Selected illustration of activity correlated with physiological changes. Data is illustrated at a voxel-wise threshold significance of P<0.001 uncorrected). A) within medulla, where the same locus reflects blood pressure increases and heart rate variability increases consistent with a neural substrate for the baroreflex mediating adjustments to hypoxic challenge. B) within pons and midbrain, where adjacent nuclei demonstrate relationships with decreases in heart rate and increases in tidal volume, putatively representing human homologues of brainstem centres supporting cardiorespiratory coupling as identified in experimental animals.
Fig 6.
Focal activity within insula cortex correlating with physiological changes.

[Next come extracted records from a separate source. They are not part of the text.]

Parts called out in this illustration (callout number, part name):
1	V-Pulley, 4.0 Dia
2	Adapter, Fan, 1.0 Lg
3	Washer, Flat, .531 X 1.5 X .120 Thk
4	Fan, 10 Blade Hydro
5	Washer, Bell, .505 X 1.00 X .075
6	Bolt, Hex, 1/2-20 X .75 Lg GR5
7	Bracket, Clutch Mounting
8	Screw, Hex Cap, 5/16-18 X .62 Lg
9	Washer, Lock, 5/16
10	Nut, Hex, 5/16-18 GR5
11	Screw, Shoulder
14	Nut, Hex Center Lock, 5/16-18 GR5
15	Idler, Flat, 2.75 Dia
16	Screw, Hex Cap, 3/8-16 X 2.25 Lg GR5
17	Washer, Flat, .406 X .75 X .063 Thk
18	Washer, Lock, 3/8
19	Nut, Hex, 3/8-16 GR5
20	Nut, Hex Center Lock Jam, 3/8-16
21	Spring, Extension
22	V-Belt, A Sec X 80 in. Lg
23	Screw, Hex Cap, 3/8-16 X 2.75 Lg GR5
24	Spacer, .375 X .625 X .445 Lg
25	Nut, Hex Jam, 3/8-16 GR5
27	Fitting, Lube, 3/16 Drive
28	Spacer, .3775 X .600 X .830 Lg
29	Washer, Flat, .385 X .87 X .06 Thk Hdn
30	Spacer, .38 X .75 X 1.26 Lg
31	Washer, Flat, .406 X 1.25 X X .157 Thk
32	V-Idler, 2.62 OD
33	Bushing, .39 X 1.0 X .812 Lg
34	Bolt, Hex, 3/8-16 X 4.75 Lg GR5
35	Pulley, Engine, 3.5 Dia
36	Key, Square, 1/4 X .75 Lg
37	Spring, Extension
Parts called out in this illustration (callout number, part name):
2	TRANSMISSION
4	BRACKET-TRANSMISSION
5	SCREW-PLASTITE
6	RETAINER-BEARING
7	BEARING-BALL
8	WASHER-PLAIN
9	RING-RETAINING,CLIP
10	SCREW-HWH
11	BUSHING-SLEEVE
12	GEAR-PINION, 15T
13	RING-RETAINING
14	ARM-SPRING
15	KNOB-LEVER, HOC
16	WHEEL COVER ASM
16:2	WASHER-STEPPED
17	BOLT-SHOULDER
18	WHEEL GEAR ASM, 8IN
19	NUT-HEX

Sagittal and horizontal sections from a standard template brain presented to highlight the location of activity changes within insula cortex associated with task-induced changes in physiological regressors. Of note are the deep insula components of signal change associated with heart rate decrease, merging with a marked engagement of basal ganglia, mirroring striatocortical activation previously observed in relation to expectancy-related heart rate deceleration [22]. The broadly distributed signal change, associated with this particular analysis arguably appears to carry most artefact, beyond what was controlled for by including movement, global and arterial O2 / end tidalCo2 regressors as confounding covariates within the analyses. Ventilation (VT) evoked predominantly right hemispheric changes in parietal and insula cortices and basal ganglia. Increases in end tidal CO2 was associated with enhanced activation within posterior ‘primary interoceptive’ insula, but did not impact global signal at threshold significance. Heart rate variability, blood pressure increases and blood pressure variability were associated with focal activation of distinct subregions of anterior and mid insula consistent with viscerotopography [23]. Data is illustrated at a significance of P<0.05 corrected, determined from the combination of voxel-wise significance and a cluster extent thresholds (see Methods).